The input:
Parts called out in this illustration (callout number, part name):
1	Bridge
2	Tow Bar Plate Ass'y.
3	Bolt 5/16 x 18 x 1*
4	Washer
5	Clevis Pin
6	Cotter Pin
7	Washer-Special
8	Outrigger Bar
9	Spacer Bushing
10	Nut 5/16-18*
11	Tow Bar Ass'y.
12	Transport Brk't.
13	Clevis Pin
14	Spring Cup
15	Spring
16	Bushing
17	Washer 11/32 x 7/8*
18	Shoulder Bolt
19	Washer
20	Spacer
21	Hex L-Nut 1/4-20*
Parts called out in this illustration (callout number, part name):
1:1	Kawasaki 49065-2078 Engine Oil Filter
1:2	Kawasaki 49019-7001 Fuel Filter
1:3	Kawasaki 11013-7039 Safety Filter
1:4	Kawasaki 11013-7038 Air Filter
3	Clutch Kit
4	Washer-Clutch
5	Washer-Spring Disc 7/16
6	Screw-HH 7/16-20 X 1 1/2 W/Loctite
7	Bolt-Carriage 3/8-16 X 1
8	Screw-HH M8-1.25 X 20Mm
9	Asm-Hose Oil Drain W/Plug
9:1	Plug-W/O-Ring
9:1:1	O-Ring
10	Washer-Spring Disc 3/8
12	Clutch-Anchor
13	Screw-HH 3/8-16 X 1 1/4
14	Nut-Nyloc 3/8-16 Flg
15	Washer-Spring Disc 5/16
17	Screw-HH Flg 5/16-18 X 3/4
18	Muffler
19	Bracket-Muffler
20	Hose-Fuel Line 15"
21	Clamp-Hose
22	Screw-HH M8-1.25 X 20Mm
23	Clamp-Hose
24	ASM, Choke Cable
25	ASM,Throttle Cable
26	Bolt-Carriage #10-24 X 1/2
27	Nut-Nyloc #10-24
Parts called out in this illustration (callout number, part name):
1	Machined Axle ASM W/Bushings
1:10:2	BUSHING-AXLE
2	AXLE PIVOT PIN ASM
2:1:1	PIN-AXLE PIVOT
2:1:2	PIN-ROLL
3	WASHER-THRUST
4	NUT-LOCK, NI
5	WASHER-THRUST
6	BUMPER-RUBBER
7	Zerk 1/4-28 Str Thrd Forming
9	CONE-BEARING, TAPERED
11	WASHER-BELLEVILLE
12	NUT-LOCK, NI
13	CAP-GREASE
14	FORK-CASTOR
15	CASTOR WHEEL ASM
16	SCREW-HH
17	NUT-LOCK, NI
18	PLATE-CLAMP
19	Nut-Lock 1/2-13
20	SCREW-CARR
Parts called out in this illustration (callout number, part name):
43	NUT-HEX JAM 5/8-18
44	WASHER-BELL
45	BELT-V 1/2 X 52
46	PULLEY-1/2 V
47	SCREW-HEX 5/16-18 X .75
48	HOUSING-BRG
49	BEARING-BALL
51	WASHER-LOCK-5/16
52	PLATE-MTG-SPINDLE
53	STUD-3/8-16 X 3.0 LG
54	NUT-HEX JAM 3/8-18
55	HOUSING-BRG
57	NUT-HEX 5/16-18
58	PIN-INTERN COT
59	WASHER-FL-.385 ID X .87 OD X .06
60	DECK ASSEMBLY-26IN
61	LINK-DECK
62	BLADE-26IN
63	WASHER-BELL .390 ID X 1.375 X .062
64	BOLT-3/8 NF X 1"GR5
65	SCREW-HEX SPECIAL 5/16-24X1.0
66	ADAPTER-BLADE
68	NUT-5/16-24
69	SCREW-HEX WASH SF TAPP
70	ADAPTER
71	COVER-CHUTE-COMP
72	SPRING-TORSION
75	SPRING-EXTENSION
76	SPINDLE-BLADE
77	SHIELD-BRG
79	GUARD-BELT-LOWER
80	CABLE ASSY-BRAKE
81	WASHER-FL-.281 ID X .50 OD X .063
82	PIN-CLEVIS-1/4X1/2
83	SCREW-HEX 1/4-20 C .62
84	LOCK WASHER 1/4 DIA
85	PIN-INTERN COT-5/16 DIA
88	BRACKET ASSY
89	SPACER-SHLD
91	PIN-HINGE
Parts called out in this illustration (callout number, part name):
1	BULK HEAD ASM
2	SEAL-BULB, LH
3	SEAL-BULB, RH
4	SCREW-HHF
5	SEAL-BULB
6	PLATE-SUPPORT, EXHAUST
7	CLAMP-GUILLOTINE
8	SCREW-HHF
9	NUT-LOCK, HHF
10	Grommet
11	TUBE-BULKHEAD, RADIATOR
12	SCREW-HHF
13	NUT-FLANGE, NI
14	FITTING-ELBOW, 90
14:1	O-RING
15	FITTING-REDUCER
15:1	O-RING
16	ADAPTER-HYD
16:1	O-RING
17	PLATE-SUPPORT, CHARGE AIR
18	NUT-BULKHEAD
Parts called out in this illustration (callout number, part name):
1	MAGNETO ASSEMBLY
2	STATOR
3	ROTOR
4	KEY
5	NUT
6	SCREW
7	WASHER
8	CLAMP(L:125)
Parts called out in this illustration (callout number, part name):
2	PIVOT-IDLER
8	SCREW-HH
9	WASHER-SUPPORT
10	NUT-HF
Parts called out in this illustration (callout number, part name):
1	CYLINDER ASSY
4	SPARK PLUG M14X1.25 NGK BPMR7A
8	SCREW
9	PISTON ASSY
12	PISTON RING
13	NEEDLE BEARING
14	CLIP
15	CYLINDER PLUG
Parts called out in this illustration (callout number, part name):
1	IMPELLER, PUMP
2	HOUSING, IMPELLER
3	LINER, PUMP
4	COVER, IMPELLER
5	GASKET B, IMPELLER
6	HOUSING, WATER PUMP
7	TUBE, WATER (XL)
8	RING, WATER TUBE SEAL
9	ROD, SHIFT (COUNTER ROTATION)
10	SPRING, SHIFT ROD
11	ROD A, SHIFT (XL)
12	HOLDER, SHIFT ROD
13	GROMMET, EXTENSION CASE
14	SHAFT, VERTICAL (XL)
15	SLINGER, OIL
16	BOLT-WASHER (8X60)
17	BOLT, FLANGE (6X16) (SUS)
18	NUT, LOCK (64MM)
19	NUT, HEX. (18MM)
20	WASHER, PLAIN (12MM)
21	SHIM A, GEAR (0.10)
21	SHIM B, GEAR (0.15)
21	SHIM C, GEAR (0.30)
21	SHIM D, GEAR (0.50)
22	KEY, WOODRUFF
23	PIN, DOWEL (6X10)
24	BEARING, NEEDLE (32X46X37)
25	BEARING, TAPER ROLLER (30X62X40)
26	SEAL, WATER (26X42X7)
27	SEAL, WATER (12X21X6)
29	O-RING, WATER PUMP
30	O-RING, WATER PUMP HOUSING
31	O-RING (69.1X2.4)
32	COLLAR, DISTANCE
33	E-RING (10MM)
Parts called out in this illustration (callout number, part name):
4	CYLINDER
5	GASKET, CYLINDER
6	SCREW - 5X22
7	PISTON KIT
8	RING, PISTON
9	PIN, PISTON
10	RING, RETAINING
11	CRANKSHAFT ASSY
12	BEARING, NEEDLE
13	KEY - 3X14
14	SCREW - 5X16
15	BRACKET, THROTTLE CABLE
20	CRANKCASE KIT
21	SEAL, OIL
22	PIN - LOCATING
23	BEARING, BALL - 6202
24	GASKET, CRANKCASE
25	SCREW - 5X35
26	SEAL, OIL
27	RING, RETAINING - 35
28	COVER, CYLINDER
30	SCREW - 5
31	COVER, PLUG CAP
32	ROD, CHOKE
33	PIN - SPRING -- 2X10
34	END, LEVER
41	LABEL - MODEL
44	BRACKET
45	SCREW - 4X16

Required work: Once more, write out all of the entries above exactly.

Result:
Parts called out in this illustration (callout number, part name):
1	Bridge
2	Tow Bar Plate Ass'y.
3	Bolt 5/16 x 18 x 1*
4	Washer
5	Clevis Pin
6	Cotter Pin
7	Washer-Special
8	Outrigger Bar
9	Spacer Bushing
10	Nut 5/16-18*
11	Tow Bar Ass'y.
12	Transport Brk't.
13	Clevis Pin
14	Spring Cup
15	Spring
16	Bushing
17	Washer 11/32 x 7/8*
18	Shoulder Bolt
19	Washer
20	Spacer
21	Hex L-Nut 1/4-20*
Parts called out in this illustration (callout number, part name):
1:1	Kawasaki 49065-2078 Engine Oil Filter
1:2	Kawasaki 49019-7001 Fuel Filter
1:3	Kawasaki 11013-7039 Safety Filter
1:4	Kawasaki 11013-7038 Air Filter
3	Clutch Kit
4	Washer-Clutch
5	Washer-Spring Disc 7/16
6	Screw-HH 7/16-20 X 1 1/2 W/Loctite
7	Bolt-Carriage 3/8-16 X 1
8	Screw-HH M8-1.25 X 20Mm
9	Asm-Hose Oil Drain W/Plug
9:1	Plug-W/O-Ring
9:1:1	O-Ring
10	Washer-Spring Disc 3/8
12	Clutch-Anchor
13	Screw-HH 3/8-16 X 1 1/4
14	Nut-Nyloc 3/8-16 Flg
15	Washer-Spring Disc 5/16
17	Screw-HH Flg 5/16-18 X 3/4
18	Muffler
19	Bracket-Muffler
20	Hose-Fuel Line 15"
21	Clamp-Hose
22	Screw-HH M8-1.25 X 20Mm
23	Clamp-Hose
24	ASM, Choke Cable
25	ASM,Throttle Cable
26	Bolt-Carriage #10-24 X 1/2
27	Nut-Nyloc #10-24
Parts called out in this illustration (callout number, part name):
1	Machined Axle ASM W/Bushings
1:10:2	BUSHING-AXLE
2	AXLE PIVOT PIN ASM
2:1:1	PIN-AXLE PIVOT
2:1:2	PIN-ROLL
3	WASHER-THRUST
4	NUT-LOCK, NI
5	WASHER-THRUST
6	BUMPER-RUBBER
7	Zerk 1/4-28 Str Thrd Forming
9	CONE-BEARING, TAPERED
11	WASHER-BELLEVILLE
12	NUT-LOCK, NI
13	CAP-GREASE
14	FORK-CASTOR
15	CASTOR WHEEL ASM
16	SCREW-HH
17	NUT-LOCK, NI
18	PLATE-CLAMP
19	Nut-Lock 1/2-13
20	SCREW-CARR
Parts called out in this illustration (callout number, part name):
43	NUT-HEX JAM 5/8-18
44	WASHER-BELL
45	BELT-V 1/2 X 52
46	PULLEY-1/2 V
47	SCREW-HEX 5/16-18 X .75
48	HOUSING-BRG
49	BEARING-BALL
51	WASHER-LOCK-5/16
52	PLATE-MTG-SPINDLE
53	STUD-3/8-16 X 3.0 LG
54	NUT-HEX JAM 3/8-18
55	HOUSING-BRG
57	NUT-HEX 5/16-18
58	PIN-INTERN COT
59	WASHER-FL-.385 ID X .87 OD X .06
60	DECK ASSEMBLY-26IN
61	LINK-DECK
62	BLADE-26IN
63	WASHER-BELL .390 ID X 1.375 X .062
64	BOLT-3/8 NF X 1"GR5
65	SCREW-HEX SPECIAL 5/16-24X1.0
66	ADAPTER-BLADE
68	NUT-5/16-24
69	SCREW-HEX WASH SF TAPP
70	ADAPTER
71	COVER-CHUTE-COMP
72	SPRING-TORSION
75	SPRING-EXTENSION
76	SPINDLE-BLADE
77	SHIELD-BRG
79	GUARD-BELT-LOWER
80	CABLE ASSY-BRAKE
81	WASHER-FL-.281 ID X .50 OD X .063
82	PIN-CLEVIS-1/4X1/2
83	SCREW-HEX 1/4-20 C .62
84	LOCK WASHER 1/4 DIA
85	PIN-INTERN COT-5/16 DIA
88	BRACKET ASSY
89	SPACER-SHLD
91	PIN-HINGE
Parts called out in this illustration (callout number, part name):
1	BULK HEAD ASM
2	SEAL-BULB, LH
3	SEAL-BULB, RH
4	SCREW-HHF
5	SEAL-BULB
6	PLATE-SUPPORT, EXHAUST
7	CLAMP-GUILLOTINE
8	SCREW-HHF
9	NUT-LOCK, HHF
10	Grommet
11	TUBE-BULKHEAD, RADIATOR
12	SCREW-HHF
13	NUT-FLANGE, NI
14	FITTING-ELBOW, 90
14:1	O-RING
15	FITTING-REDUCER
15:1	O-RING
16	ADAPTER-HYD
16:1	O-RING
17	PLATE-SUPPORT, CHARGE AIR
18	NUT-BULKHEAD
Parts called out in this illustration (callout number, part name):
1	MAGNETO ASSEMBLY
2	STATOR
3	ROTOR
4	KEY
5	NUT
6	SCREW
7	WASHER
8	CLAMP(L:125)
Parts called out in this illustration (callout number, part name):
2	PIVOT-IDLER
8	SCREW-HH
9	WASHER-SUPPORT
10	NUT-HF
Parts called out in this illustration (callout number, part name):
1	CYLINDER ASSY
4	SPARK PLUG M14X1.25 NGK BPMR7A
8	SCREW
9	PISTON ASSY
12	PISTON RING
13	NEEDLE BEARING
14	CLIP
15	CYLINDER PLUG
Parts called out in this illustration (callout number, part name):
1	IMPELLER, PUMP
2	HOUSING, IMPELLER
3	LINER, PUMP
4	COVER, IMPELLER
5	GASKET B, IMPELLER
6	HOUSING, WATER PUMP
7	TUBE, WATER (XL)
8	RING, WATER TUBE SEAL
9	ROD, SHIFT (COUNTER ROTATION)
10	SPRING, SHIFT ROD
11	ROD A, SHIFT (XL)
12	HOLDER, SHIFT ROD
13	GROMMET, EXTENSION CASE
14	SHAFT, VERTICAL (XL)
15	SLINGER, OIL
16	BOLT-WASHER (8X60)
17	BOLT, FLANGE (6X16) (SUS)
18	NUT, LOCK (64MM)
19	NUT, HEX. (18MM)
20	WASHER, PLAIN (12MM)
21	SHIM A, GEAR (0.10)
21	SHIM B, GEAR (0.15)
21	SHIM C, GEAR (0.30)
21	SHIM D, GEAR (0.50)
22	KEY, WOODRUFF
23	PIN, DOWEL (6X10)
24	BEARING, NEEDLE (32X46X37)
25	BEARING, TAPER ROLLER (30X62X40)
26	SEAL, WATER (26X42X7)
27	SEAL, WATER (12X21X6)
29	O-RING, WATER PUMP
30	O-RING, WATER PUMP HOUSING
31	O-RING (69.1X2.4)
32	COLLAR, DISTANCE
33	E-RING (10MM)
Parts called out in this illustration (callout number, part name):
4	CYLINDER
5	GASKET, CYLINDER
6	SCREW - 5X22
7	PISTON KIT
8	RING, PISTON
9	PIN, PISTON
10	RING, RETAINING
11	CRANKSHAFT ASSY
12	BEARING, NEEDLE
13	KEY - 3X14
14	SCREW - 5X16
15	BRACKET, THROTTLE CABLE
20	CRANKCASE KIT
21	SEAL, OIL
22	PIN - LOCATING
23	BEARING, BALL - 6202
24	GASKET, CRANKCASE
25	SCREW - 5X35
26	SEAL, OIL
27	RING, RETAINING - 35
28	COVER, CYLINDER
30	SCREW - 5
31	COVER, PLUG CAP
32	ROD, CHOKE
33	PIN - SPRING -- 2X10
34	END, LEVER
41	LABEL - MODEL
44	BRACKET
45	SCREW - 4X16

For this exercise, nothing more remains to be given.